Issue No.9 contained, amongst other articles, Nick Lottkowitz, 'Conservation and restoration, some chemical thoughts.'

== Cessation ==
Finding suitable content for the journal required considerable and far-reaching research, and led to new interests for the editors; on reading Carroll Hart's 'The New Documentation: Oral History and Photography', Nickson, who with McGillivray was then becoming interested in the planning and execution of historical photograph preservation, wrote to the author on January 1, 1983, about her involvement in the project. In issue 9, of July 1983, Sherry Konter's 'Final Report' on the Vanishing Georgia Project was printed beside the editors' proposal for the Australian Bicentenary; 'Australia as Australians Saw It. A Comprehensive Pictorial Record of our Heritage: 1839–1939'; and their 'Position Paper— February 1983'.

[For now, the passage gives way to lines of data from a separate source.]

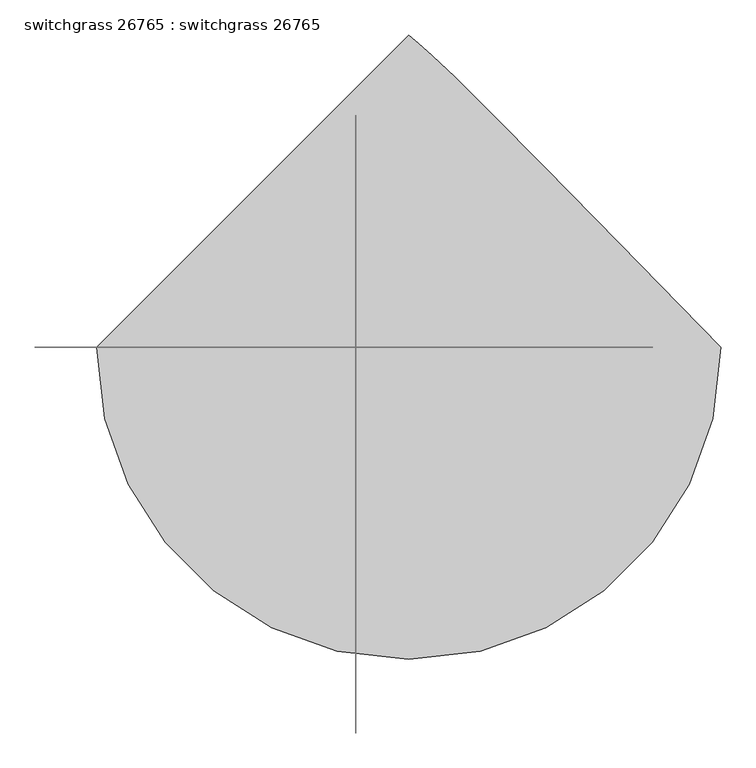
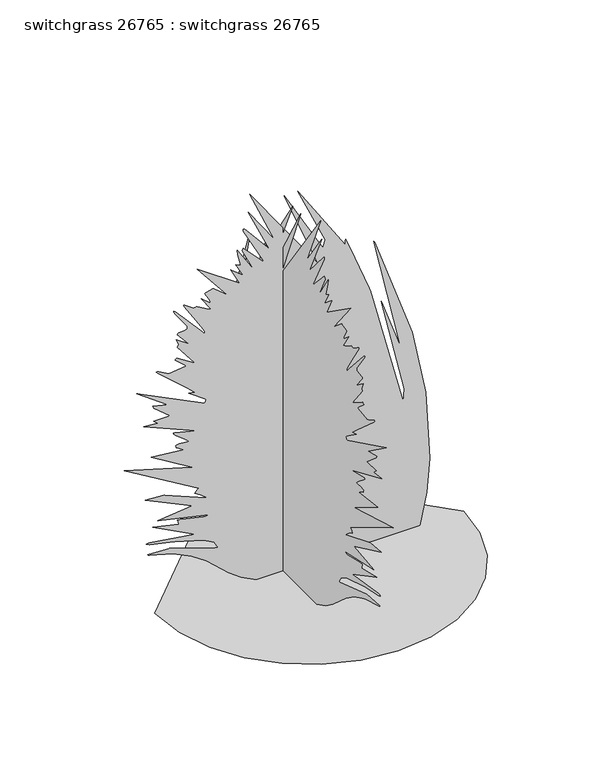
"""IFC4 building model written with IfcOpenShell, lengths in millimetres: proxy geometry, switchgrass 26765 : switchgrass 26765."""

import ifcopenshell
import ifcopenshell.guid

model = None  # the IFC model being written
_history = None  # IfcOwnerHistory: only IFC2X3 demands one
_inside = {}  # id of a spatial element -> (the spatial element, [elements in it])
_under = {}  # id of a project, library or spatial element -> (it, [spatial elements below it])
_declared = {}  # id of a project -> (the project, [libraries it declares])
_typed = {}  # id of a type object -> (the type object, [elements of that type])
_made_of = {}  # id of a material, layer set ... -> (it, [elements and type objects made of it])


def new_model(schema):
    """Start an empty IFC model of exactly this schema.

    Asked for "IFC4X3", IfcOpenShell would pick the latest addendum, in which some entities
    have other attributes; the version numbers below select the first issue.
    IFC2X3 requires an IfcOwnerHistory on every rooted entity: one is made here for all.
    """
    global model, _history
    if schema == "IFC4X3":
        model = ifcopenshell.file(schema_version=(4, 3, 0, 0))
    else:
        model = ifcopenshell.file(schema=schema)
    _inside.clear()
    _under.clear()
    _declared.clear()
    _typed.clear()
    _made_of.clear()
    _history = None
    if model.schema == "IFC2X3":
        org = make("IfcOrganization", Name="unknown")
        user = make(
            "IfcPersonAndOrganization",
            ThePerson=make("IfcPerson", FamilyName="unknown"),
            TheOrganization=org,
        )
        app = make(
            "IfcApplication",
            ApplicationDeveloper=org,
            Version="unknown",
            ApplicationFullName="unknown",
            ApplicationIdentifier="unknown",
        )
        _history = make(
            "IfcOwnerHistory",
            OwningUser=user,
            OwningApplication=app,
            ChangeAction="ADDED",
            CreationDate=0,
        )
    return model


def make(cls, **values):
    """One entity of the class cls with the attributes given. An attribute that is None is left unset."""
    return model.create_entity(
        cls, **{name: value for name, value in values.items() if value is not None}
    )


def rooted(cls, **values):
    """An entity with a GlobalId (a new one), such as an element, a storey or a relation."""
    return make(cls, GlobalId=ifcopenshell.guid.new(), OwnerHistory=_history, **values)


def si_unit(unit_type, name, prefix=None):
    """IfcSIUnit, for example si_unit("LENGTHUNIT", "METRE", prefix="MILLI")."""
    return make("IfcSIUnit", UnitType=unit_type, Prefix=prefix, Name=name)


def assignment(units):
    """IfcUnitAssignment: the units of a project."""
    return None if units is None else make("IfcUnitAssignment", Units=units)


def point(xyz):
    """IfcCartesianPoint."""
    return None if xyz is None else make("IfcCartesianPoint", Coordinates=xyz)


def direction(xyz):
    """IfcDirection."""
    return None if xyz is None else make("IfcDirection", DirectionRatios=xyz)


def frame(location, z_axis=None, x_axis=None):
    """IfcAxis2Placement3D, a coordinate frame: its origin and axes. An axis left out is left unset."""
    return make(
        "IfcAxis2Placement3D",
        Location=point(location),
        Axis=direction(z_axis),
        RefDirection=direction(x_axis),
    )


def origin():
    """The frame at (0, 0, 0) with its axes left unset."""
    return frame((0.0, 0.0, 0.0))


def place(relative_to, where):
    """IfcLocalPlacement: puts the frame where relative to a parent placement (None: the world)."""
    return make(
        "IfcLocalPlacement", PlacementRelTo=relative_to, RelativePlacement=where
    )


def context(
    kind, dimensions, precision=None, world=None, true_north=None, identifier=None
):
    """IfcGeometricRepresentationContext, for example the 3D "Model" context."""
    return make(
        "IfcGeometricRepresentationContext",
        ContextIdentifier=identifier,
        ContextType=kind,
        CoordinateSpaceDimension=dimensions,
        Precision=precision,
        WorldCoordinateSystem=world,
        TrueNorth=true_north,
    )


def project(units=None, contexts=None):
    """IfcProject with its units and contexts."""
    return rooted(
        "IfcProject",
        Name="project",
        RepresentationContexts=contexts,
        UnitsInContext=assignment(units),
    )


def spatial(cls, under=None, at=None, **own):
    """A site, building, storey or space (cls), placed at a placement, below another one or the project."""
    s = rooted(cls, ObjectPlacement=at, **own)
    if under is not None:
        _under.setdefault(under.id(), (under, []))[1].append(s)
    return s


def point_list(points):
    """IfcCartesianPointList2D or 3D."""
    cls = (
        "IfcCartesianPointList2D" if len(points[0]) == 2 else "IfcCartesianPointList3D"
    )
    return make(cls, CoordList=points)


def triangles(points, corners, closed=None, point_numbers=None):
    """IfcTriangulatedFaceSet: each triangle names its three corners, points numbered from 1."""
    return make(
        "IfcTriangulatedFaceSet",
        Coordinates=point_list(points),
        Closed=closed,
        CoordIndex=corners,
        PnIndex=point_numbers,
    )


def shape(context_of_items, identifier, shape_type, items):
    """IfcShapeRepresentation: the items that make up one representation, for example the "Body"."""
    return make(
        "IfcShapeRepresentation",
        ContextOfItems=context_of_items,
        RepresentationIdentifier=identifier,
        RepresentationType=shape_type,
        Items=items,
    )


def source(mapping_origin, context_of_items, identifier, shape_type, items):
    """IfcRepresentationMap: a shape defined once, which mapped items show again and again."""
    return make(
        "IfcRepresentationMap",
        MappingOrigin=mapping_origin,
        MappedRepresentation=shape(context_of_items, identifier, shape_type, items),
    )


def transform(
    local_origin,
    x_axis=None,
    y_axis=None,
    z_axis=None,
    scale=None,
    scale2=None,
    scale3=None,
    uniform=True,
):
    """IfcCartesianTransformationOperator3D, or its non-uniform kind. x_axis, y_axis, z_axis: its Axis1, 2, 3."""
    if uniform:
        return make(
            "IfcCartesianTransformationOperator3D",
            Axis1=direction(x_axis),
            Axis2=direction(y_axis),
            LocalOrigin=point(local_origin),
            Scale=scale,
            Axis3=direction(z_axis),
        )
    return make(
        "IfcCartesianTransformationOperator3DnonUniform",
        Axis1=direction(x_axis),
        Axis2=direction(y_axis),
        LocalOrigin=point(local_origin),
        Scale=scale,
        Axis3=direction(z_axis),
        Scale2=scale2,
        Scale3=scale3,
    )


def mapped(mapping_source, mapping_target):
    """IfcMappedItem: shows the shape of a source again, moved by a transform."""
    return make(
        "IfcMappedItem", MappingSource=mapping_source, MappingTarget=mapping_target
    )


def made_of(thing, what):
    """Note that an element or type object is made of a material, layer set ...; save() writes the relation."""
    if what is not None:
        _made_of.setdefault(what.id(), (what, []))[1].append(thing)
    return thing


def element(
    cls,
    number,
    at=None,
    inside=None,
    cuts=None,
    type_object=None,
    material=None,
    context=None,
    identifier="Body",
    shape_type=None,
    held_by="IfcProductDefinitionShape",
    body=None,
    shapes=None,
    **own,
):
    """One element of the class cls, such as IfcWall. Its Tag is "e" and its number.

    at: its placement. inside: the storey or other place that contains it. cuts: it is an
    opening in that element (IfcRelVoidsElement). A single representation is given by context,
    identifier, shape_type and body (its items); several are given by shapes. held_by: the class
    of the entity that holds the representations. save() writes the other relations.
    """
    e = rooted(cls, Tag="e%d" % number, ObjectPlacement=at, **own)
    if body is not None:
        shapes = [shape(context, identifier, shape_type, body)]
    if shapes is not None:
        e.Representation = make(held_by, Representations=shapes)
    if inside is not None:
        _inside.setdefault(inside.id(), (inside, []))[1].append(e)
    if cuts is not None:
        rooted(
            "IfcRelVoidsElement", RelatingBuildingElement=cuts, RelatedOpeningElement=e
        )
    if type_object is not None:
        _typed.setdefault(type_object.id(), (type_object, []))[1].append(e)
    return made_of(e, material)


def aggregate(whole, parts):
    """IfcRelAggregates: a whole, such as a stair, and the parts it consists of."""
    return rooted("IfcRelAggregates", RelatingObject=whole, RelatedObjects=parts)


def save(model, path):
    """Write the relations noted so far, then the file.

    IfcRelAggregates (storeys below a building ...), IfcRelContainedInSpatialStructure (elements
    in a storey), IfcRelDefinesByType, IfcRelAssociatesMaterial and IfcRelDeclares: one each for
    every whole, place, type object, material and project.
    """
    for whole, parts in _under.values():
        aggregate(whole, parts)
    for where, things in _inside.values():
        rooted(
            "IfcRelContainedInSpatialStructure",
            RelatedElements=things,
            RelatingStructure=where,
        )
    for kind, things in _typed.values():
        rooted("IfcRelDefinesByType", RelatedObjects=things, RelatingType=kind)
    for what, things in _made_of.values():
        rooted("IfcRelAssociatesMaterial", RelatedObjects=things, RelatingMaterial=what)
    for by, libraries in _declared.values():
        rooted("IfcRelDeclares", RelatingContext=by, RelatedDefinitions=libraries)
    model.write(path)


def switchgrass_26765_switchgrass_26765_d4ad6bd8(model_context):
    return source(origin(), model_context, "Body", "Tessellation", [
        triangles([(-459.698612, 0.0, 4.65e-05), (-447.5447391, -105.3326149, 4.65e-05), (-412.9347513, -202.0637927, 4.65e-05), (-358.6347227, -287.4208646, 4.65e-05), (-287.4208646, -358.6372662, 4.65e-05), (-202.0637927, -412.9347513, 4.65e-05), (-105.3326149, -447.5447391, 4.65e-05), (2.01e-05, -459.698612, 4.65e-05), (105.3326149, -447.5447391, 4.65e-05), (202.0637927, -412.9347513, 4.65e-05), (287.4208646, -358.6347227, 4.65e-05), (358.6372662, -287.4208646, 4.65e-05), (412.9347513, -202.0637927, 4.65e-05), (447.5447391, -105.3326149, 4.65e-05), (459.698612, 4.02e-05, 4.65e-05), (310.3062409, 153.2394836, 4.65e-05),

Australian National Library bibliographer Victor Crittenden hailed the latter project as "most important," an; ...endeavour to create a comprehensive national index of photographic images. Entitled for the present 'Australia as Australians saw it', this project is to canvass the public to arouse awareness of the importance of photographs of the past; to invite the public to submit photographs and to allow them to be copied, and to provide a subject approach to the photographs, with appropriate cross-references, by means of a computer-based indexing program.Their idea was mercilessly critiqued by Tim Robinson of the Council of the City of Sydney Archives for the ambitious scale of a project that would digitise 500,000 images and computerise their cataloguing, storage and retrieval; It is obvious from the submission and the position paper that WOPOP has not the slightest conception of the logistics of copying such a number of photographs, let alone documenting them and 'fully' indexing them. Even with the computer programme they describe, and there is no evidence that it has been tested in any way, the entire project would be of vast proportions with no guarantee of success. The money would surely be better spent on collections already held and in need of attention.WOPOP ceased publication that year with issue 9 when McGillivray and Nickson moved on to inaugurate the Museum of Victoria's Outreach Project in 1985 to realise their ambition, expressed in that last issue, to compile a national archive of Australian documentary, vernacular and historically significant photographs up to 1939, the centenary of the Daguerreotype. To do so, the pair issued a call for Australians: "to sit down with your family, look through your collection of photographs and select those which you and your family think should be included in the heritage of Australia," requesting specifically photographs of "members of your family at work, play, or engaged in leisure time activities...".

== Legacy ==
Several Australian contributors to WOPOP: Working Papers on Photography, especially Ann-Marie Willis who provided several of its articles, Jenni Mather and Graeme Johanson went on to publish books of substantial photo-historical research, and Jenny Carew's articles for other journals treated historical subjects.